In a large city how much hotter on average is it outside due to the air conditioning of all the buildings? Title pretty much states the question.  How much hotter do air conditioning units make it outside in a large city like NYC, Chicago, etc?
 A: This isn't a direct answer, but a relevant comment on the question that is too long to be a comment on this system.
The heating you seem to be considering is only about total electrical power dissipated.  Whether some of that is used for air conditioning is irrelevant.  In the steady state, the cooled buildings will cool the air, except for the power used to run the air conditioners.  A air conditioner that consumes 1 kW of electrical power will cause the same overall heating in steady state as a 1 kW electrical space heater or toaster or hair dryer.  In the short term, the air conditioner moves heat from inside to outside, but in the long term that heat gets back inside.
The real question is therefore how much electrical consumption increases the averge air temperature.  You should be able to get figures for electrical consumption by doing a little digging.  However, relating that power to temperature rise will be tricky.  To take some stab at it you have to make some assumption about how much air is flowing around the city, which of course varies dramatically with wind.  Pick some representative wind speed, pick some height, then calculate the mass of new air that has to be heated per unit of time.  That will give you nice and neat figure for what is at best a wild-ass guess.
Note that dissipation of electrical power in a city is probably a small contribution to the local temperature rise.  The stone and asphalt heated by the sun without the benefit of evaporative cooling like leaves have is very likely a much larger factor.
The temperature rise in cities has been measured, so you could do the heated air flow analisys in reverse and take a stab at the extra power required to heat the air.  I think you'll find that is way more than the total electrical power delivered to the city.  All those car and truck engines sitting in traffic probably add up to more heating power than the delivered electrical power, but I'm still guessing that the solar power not countered by evaporative cooling of leaves dominates by a lot.
A: Have a look at urban heat effect.

An urban heat island (UHI) is a metropolitan area that is significantly warmer than its surrounding rural areas due to human activities.

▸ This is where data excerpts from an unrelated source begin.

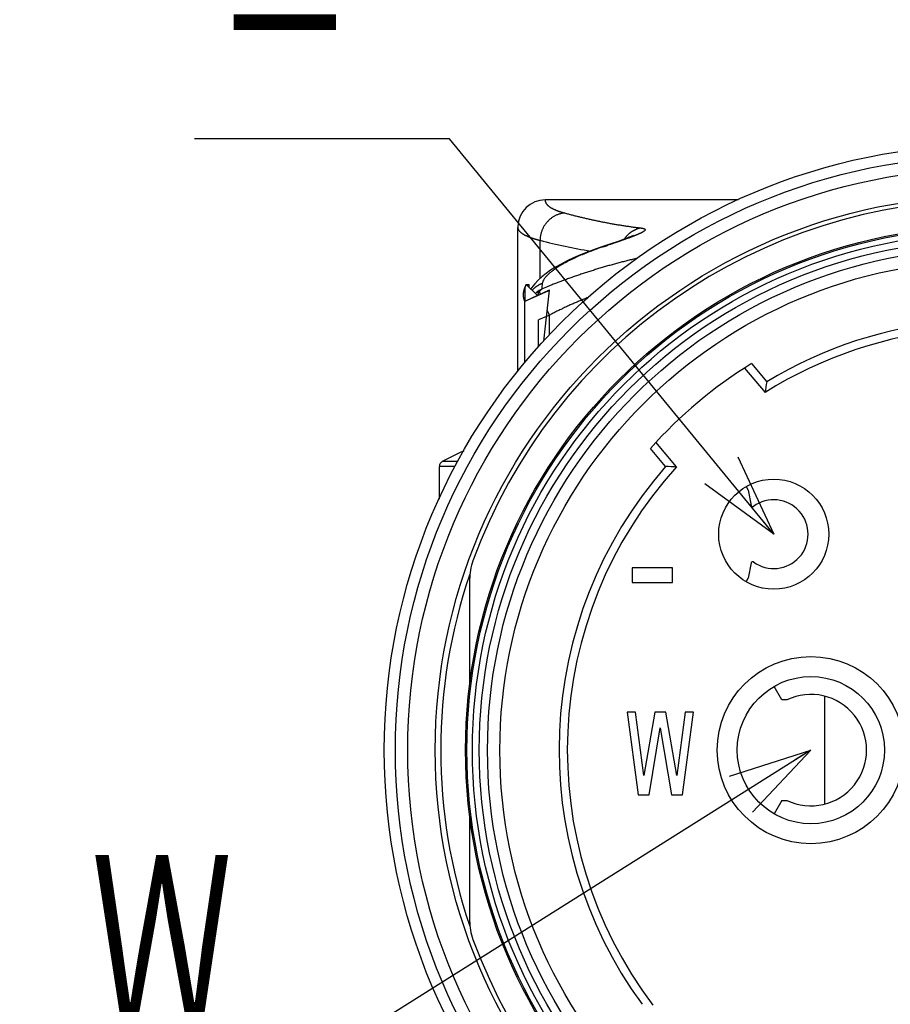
# Model space of a CAD drawing. Header units: millimetres. Extents: x 0 to 1300, y 0 to 891.
# Tile 9 of 119: x 386 to 433, y 257 to 310. Entities that reach past the tile are written whole.
import ezdxf

# ---------------------------------------------------------------- set-up
doc = ezdxf.new("R2010")
doc.units = ezdxf.units.MM
doc.header["$LTSCALE"] = 0.54643
for name, color, linetype in [('NoLayerName_001', 7, 'Continuous'), ('NoLayerName_002', 7, 'Continuous'), ('NoLayerName_003', 7, 'Continuous'), ('NoLayerName_005', 7, 'Continuous'), ('NoLayerName_006', 7, 'Continuous')]:
    doc.layers.add(name, color=color, linetype=linetype)
doc.styles.get("Standard").update_dxf_attribs({"font": 'txt', "bigfont": 'extfont2'})
doc.dimstyles.get("Standard").update_dxf_attribs({"dimtxt": 2.5, "dimasz": 2.5, "dimexe": 1, "dimexo": 1, "dimtad": 1, "dimdec": 3, "dimzin": 0, "dimdsep": 46, "dimtxsty": 'Standard', "dimcen": 2.5, "dimadec": 3, "dimazin": 0, "dimtfac": 0.75, "dimtdec": 3, "dimtmove": 0, "dimatfit": 3, "dimfxl": 1, "dimarcsym": 0})

msp = doc.modelspace()

# ---------------------------------------------------------------- linework, layer by layer
at = {"layer": 'NoLayerName_001', "color": 7, "linetype": 'Continuous', "lineweight": 25}
for p, q in [((425.454, 291.5047), (426.2828, 290.5169)), ((425.0695, 291.2629), (426.1881, 289.9298)), ((421.362, 285.8803), (420.2434, 287.2133)), ((420.7673, 285.8888), (419.9385, 286.8766)), ((408.436, 284.1198), (408.436, 285.9003))]:
    msp.add_line(p, q, dxfattribs=at)
at = {"layer": 'NoLayerName_001', "color": 8, "linetype": 'Continuous', "lineweight": 25}
for p, q in [((409.4517, 286.1623), (408.5899, 286.1623)), ((409.305, 285.9003), (408.436, 285.9003))]:
    msp.add_line(p, q, dxfattribs=at)
at = {"layer": 'NoLayerName_001', "color": 7, "linetype": 'Continuous', "lineweight": 25}
for radius in [31.725, 26.7]:
    msp.add_circle((438.436, 270.4327), radius, dxfattribs=at)
for centre, radius, start, end in [((438.436, 270.4327), 23.475, 68.82138, 121.17862), ((438.436, 270.4327), 23.025, 67.86317, 122.13683), ((438.436, 270.4327), 24.75, 121.6364, 138.3636), ((496.445, 278.8867), 71.1195, 170.588157, 171.067268), ((414.436, 275.6827), 12, 112.91743, 119.15537), ((408.736, 285.9003), 0.3, 119.15537, 180), ((438.436, 270.4327), 23.475, 138.82138, 216.17862), ((438.436, 270.4327), 23.025, 137.86317, 217.13683), ((420.0373, 214.7731), 71.1195, 88.932732, 89.411843)]:
    msp.add_arc(centre, radius, start, end, dxfattribs=at)
at = {"layer": 'NoLayerName_002', "color": 7, "linetype": 'Continuous', "lineweight": 25}
for p, q in [((418.951, 280.3783), (418.951, 279.5805)), ((421.1385, 280.3783), (418.951, 280.3783)), ((421.1385, 279.5805), (421.1385, 280.3783)), ((418.951, 279.5805), (421.1385, 279.5805)), ((418.681, 272.5027), (419.281, 268.0027)), ((419.131, 272.5027), (418.681, 272.5027)), ((419.581, 269.0559), (419.131, 272.5027)), ((420.181, 272.5027), (419.581, 269.0559)), ((420.781, 272.5027), (420.181, 272.5027)), ((421.381, 269.0559), (420.781, 272.5027)), ((421.831, 272.5027), (421.381, 269.0559)), ((421.681, 268.0027), (422.281, 272.5027)), ((422.281, 272.5027), (421.831, 272.5027)), ((419.881, 268.0027), (420.481, 271.641)), ((420.481, 271.641), (421.081, 268.0027)), ((419.281, 268.0027), (419.881, 268.0027)), ((421.081, 268.0027), (421.681, 268.0027))]:
    msp.add_line(p, q, dxfattribs=at)
for centre, radius in [((426.6627, 282.206), 3), ((428.686, 270.4327), 5.1), ((428.686, 270.4327), 4.0125)]:
    msp.add_circle(centre, radius, dxfattribs=at)
at = {"layer": 'NoLayerName_003', "color": 7, "linetype": 'Continuous', "lineweight": 25}
for p, q in [((424.7488, 300.4327), (414.211, 300.4327)), ((412.7119, 298.9813), (412.711, 298.9257)), ((412.711, 291.0634), (412.711, 298.9255)), ((417.8443, 298.0502), (417.4527, 297.9171)), ((418.1796, 298.1667), (417.8443, 298.0502)), ((417.2427, 297.8467), (416.984, 297.7581)), ((417.4527, 297.9171), (417.2427, 297.8466)), ((413.6344, 295.8565), (413.4664, 295.6412)), ((413.4664, 295.6412), (413.4233, 295.5711)), ((410.086, 279.7267), (410.086, 274.0115)), ((410.086, 266.8539), (410.086, 261.1388))]:
    msp.add_line(p, q, dxfattribs=at)
at = {"layer": 'NoLayerName_003', "color": 8, "linetype": 'Continuous', "lineweight": 25}
for p, q in [((413.9204, 298.2271), (413.9204, 296.1446)), ((417.3603, 297.8701), (417.2427, 297.8467)), ((413.9499, 295.2913), (413.8932, 295.425)), ((414.436, 294.1459), (414.3188, 294.4222)), ((414.1806, 294.0368), (413.836, 293.8894)), ((413.836, 292.3982), (413.836, 293.8894)), ((414.2817, 294.0802), (414.1806, 294.0368)), ((414.436, 293.0474), (414.436, 294.1459))]:
    msp.add_line(p, q, dxfattribs=at)
at = {"layer": 'NoLayerName_003', "color": 2, "linetype": 'Continuous', "lineweight": 25}
for p, q in [((413.1692, 295.8265), (413.7783, 295.2143)), ((413.1692, 295.8265), (413.3317, 295.8265)), ((413.3317, 295.6632), (413.3317, 295.8265)), ((414.1347, 292.7213), (414.436, 295.5057)), ((414.2161, 295.4094), (414.326, 295.4577)), ((414.326, 295.4577), (414.436, 295.5057))]:
    msp.add_line(p, q, dxfattribs=at)
at = {"layer": 'NoLayerName_003', "color": 6, "linetype": 'Continuous', "lineweight": 25}
for p in [(413.086, 295.5456), (413.7783, 295.2143)]:
    msp.add_line(p, (413.086, 294.8967), dxfattribs=at)
at = {"layer": 'NoLayerName_003', "color": 30, "linetype": 'Continuous', "lineweight": 25}
for p, q in [((413.086, 294.9023), (413.9969, 295.3123)), ((413.9969, 295.3123), (414.2439, 295.4216)), ((413.086, 291.5391), (413.086, 294.8967))]:
    msp.add_line(p, q, dxfattribs=at)
at = {"layer": 'NoLayerName_003', "color": 7, "linetype": 'Continuous', "lineweight": 25}
for points in [[(419.0227, 298.493), (419.0267, 298.4953), (419.013, 298.4883), (418.9799, 298.4726), (418.93, 298.4504), (418.8639, 298.4224), (418.7835, 298.3898), (418.689, 298.3529), (418.5815, 298.3121), (418.4608, 298.2675), (418.3269, 298.2191), (418.1796, 298.1667)], [(416.984, 297.7581), (416.544, 297.5976), (416.133, 297.4347), (415.751, 297.2697), (415.3979, 297.1032), (415.0727, 296.9353), (414.7748, 296.7661), (414.5021, 296.5947), (414.253, 296.42), (414.0261, 296.2404)], [(414.0261, 296.2404), (413.8207, 296.0542), (413.6344, 295.8565)]]:
    msp.add_lwpolyline(points, dxfattribs=at)
for radius in [33, 30.225, 28.575, 28.5]:
    msp.add_circle((438.436, 270.4327), radius, dxfattribs=at)
at = {"layer": 'NoLayerName_003', "color": 8, "linetype": 'Continuous', "lineweight": 25}
for radius in [32.4, 28.2, 27.8237, 27.3748]:
    msp.add_circle((438.436, 270.4327), radius, dxfattribs=at)
at = {"layer": 'NoLayerName_003', "color": 7, "linetype": 'Continuous', "lineweight": 25}
for centre, radius, start, end in [((438.436, 270.4327), 30, 20.13421, 159.86579), ((414.2111, 298.9328), 1.4999, 90.00043, 178.14637), ((413.086, 279.7267), 3, 159.86579, 180), ((413.0916, 261.1392), 3.0056, 180.0094, 200.12422), ((438.436, 270.4327), 30, 200.13421, 339.86579)]:
    msp.add_arc(centre, radius, start, end, dxfattribs=at)
at = {"layer": 'NoLayerName_003', "color": 8, "linetype": 'Continuous', "lineweight": 25}
for centre, radius, start, end in [((419.7462, 297.4401), 1.5028, 131.3093, 145.60125), ((421.8547, 328.684), 31.4734, 255.39849, 260.51262), ((379.1378, 412.2322), 120.5804, 288.480847, 288.609435), ((423.1625, 280.4895), 18.3235, 108.8365, 109.58706), ((423.4748, 279.5777), 19.2873, 108.48304, 108.83995), ((566.2323, 279.2637), 153.0895, 173.770844, 173.886057), ((414.5556, 294.4911), 1.4715, 135.07539, 136.45886), ((414.5541, 294.4926), 1.4693, 133.47557, 135.07543), ((414.8131, 294.0405), 1.7249, 128.33086, 131.33319), ((414.7897, 294.0718), 1.6861, 117.40712, 128.36637), ((424.807, 269.9824), 27.7696, 112.11588, 112.87223), ((436.9187, 241.1733), 57.5462, 112.997331, 113.164327), ((438.436, 270.4327), 29.925, 161.30573, 198.69492)]:
    msp.add_arc(centre, radius, start, end, dxfattribs=at)
at = {"layer": 'NoLayerName_003', "color": 2, "linetype": 'Continuous', "lineweight": 25}
msp.add_arc((437.0033, 243.6813), 56.5248, 113.77438, 114.26022, dxfattribs=at)
at = {"layer": 'NoLayerName_003', "color": 30, "linetype": 'Continuous', "lineweight": 25}
msp.add_arc((437.0714, 243.5271), 56.6934, 113.53188, 113.74384, dxfattribs=at)
at = {"layer": 'NoLayerName_003', "color": 8, "linetype": 'Continuous', "lineweight": 25}
for points, knots in [([(414.2115, 300.4327), (414.2103, 300.4215), (414.2067, 300.399), (414.2085, 300.3648), (414.2142, 300.3313), (414.2246, 300.2988), (414.2385, 300.2677), (414.2554, 300.2382), (414.2747, 300.2103), (414.296, 300.1839), (414.319, 300.1589), (414.3432, 300.1352), (414.3685, 300.1127), (414.3947, 300.0912), (414.4217, 300.0708), (414.4493, 300.0511), (414.4774, 300.0323), (414.506, 300.0141), (414.535, 299.9967), (414.5644, 299.98), (414.5942, 299.9638), (414.6243, 299.9483), (414.6547, 299.9333), (414.6854, 299.9188), (414.7163, 299.9047), (414.7474, 299.8911), (414.7787, 299.8779), (414.8101, 299.8651), (414.8416, 299.8526), (414.8732, 299.8404), (414.9049, 299.8286), (414.9368, 299.817), (414.9687, 299.8058), (415.0007, 299.7949), (415.0328, 299.7842), (415.065, 299.7738), (415.0973, 299.7637), (415.1297, 299.7539), (415.1621, 299.7442), (415.1838, 299.738), (415.1946, 299.7349)], [0, 0, 0, 0, 0.0339135, 0.0679797, 0.1020138, 0.1359553, 0.1699289, 0.2039005, 0.2377987, 0.2716926, 0.3056018, 0.3394868, 0.3733458, 0.4072049, 0.4410694, 0.4749255, 0.5087639, 0.5425983, 0.5764406, 0.610299, 0.6441781, 0.6780794, 0.712001, 0.7459387, 0.7798854, 0.8138317, 0.8477664, 0.88168, 0.9155742, 0.9494521, 0.9833169, 1.0171712, 1.0510173, 1.0848572, 1.1186924, 1.1525245, 1.1863544, 1.2201829, 1.2540105, 1.2878375, 1.2878375, 1.2878375, 1.2878375]), ([(415.2598, 299.7167), (415.2357, 299.7138), (415.1875, 299.709), (415.1157, 299.6962), (415.0446, 299.68), (414.9742, 299.6601), (414.905, 299.6367), (414.8369, 299.6097), (414.7704, 299.5793), (414.7055, 299.5455), (414.6425, 299.5085), (414.5815, 299.4685), (414.5225, 299.4255), (414.4657, 299.3796), (414.4112, 299.3311), (414.3592, 299.28), (414.3096, 299.2264), (414.2627, 299.1706), (414.2185, 299.1126), (414.177, 299.0526), (414.1384, 298.9907), (414.1027, 298.927), (414.0701, 298.8617), (414.0404, 298.795), (414.014, 298.7268), (413.9907, 298.6576), (413.9707, 298.5873), (413.9539, 298.5162), (413.9403, 298.4444), (413.9302, 298.3722), (413.9231, 298.2998), (413.9216, 298.2513), (413.9204, 298.2271)], [0, 0, 0, 0, 0.0726518, 0.1454719, 0.218433, 0.2915001, 0.3646334, 0.4377899, 0.510926, 0.584003, 0.6570233, 0.7300085, 0.8029731, 0.8759252, 0.9488679, 1.0218001, 1.0947183, 1.1676235, 1.2405282, 1.3134425, 1.3863737, 1.4593273, 1.5323072, 1.6053179, 1.6783632, 1.7514328, 1.8245024, 1.8975442, 1.970529, 2.0434271, 2.11621, 2.1888514, 2.1888514, 2.1888514, 2.1888514]), ([(415.1946, 299.7349), (415.2055, 299.7318), (415.2271, 299.7256), (415.2489, 299.7197), (415.2598, 299.7167)], [0, 0, 0, 0, 0.033826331, 0.067651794, 0.067651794, 0.067651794, 0.067651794]), ([(415.2598, 299.7167), (415.3281, 299.6983), (415.4648, 299.6613), (415.6703, 299.6078), (415.8761, 299.5555), (416.0823, 299.5047), (416.2889, 299.4554), (416.4958, 299.4075), (416.7032, 299.3611), (416.9108, 299.3163), (417.1189, 299.2729), (417.3272, 299.231), (417.5358, 299.1907), (417.7448, 299.1519), (417.954, 299.1146), (418.1634, 299.079), (418.3732, 299.0448), (418.5831, 299.0123), (418.7933, 298.9813), (419.0037, 298.952), (419.2143, 298.9242), (419.3548, 298.9071), (419.4251, 298.8984)], [0, 0, 0, 0, 0.2123475, 0.4246939, 0.6370469, 0.8494145, 1.061805, 1.2742251, 1.4866721, 1.6991404, 1.911625, 2.1241207, 2.3366227, 2.5491262, 2.7616266, 2.9741195, 3.1866008, 3.3990664, 3.6115124, 3.8239353, 4.0363315, 4.2486979, 4.2486979, 4.2486979, 4.2486979]), ([(412.711, 298.9255), (412.7111, 298.9235), (412.7111, 298.9193), (412.7114, 298.9131), (412.7118, 298.9069), (412.7124, 298.9007), (412.7132, 298.8946), (412.7142, 298.8884), (412.7153, 298.8823), (412.7166, 298.8762), (412.718, 298.8702), (412.7196, 298.8641), (412.7214, 298.8581), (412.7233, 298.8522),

The phenomenon was first investigated and described by Luke Howard in the 1810s, although he was not the one to name the phenomenon.1 The temperature difference usually is larger at night than during the day, and is most apparent when winds are weak. Seasonally, UHI is seen during both summer and winter. The main cause of the urban heat island is modification of the land surface by urban development which uses materials which effectively retain heat. Waste heat generated by energy usage is a secondary contributor



Tokyo, an example of an urban heat island. Normal temperatures of Tokyo go up more than those of the surrounding area.

An interesting study is the effect of urban heat islands on temperature measurements and the trend of global warming due to bad siting of the temperature sensors.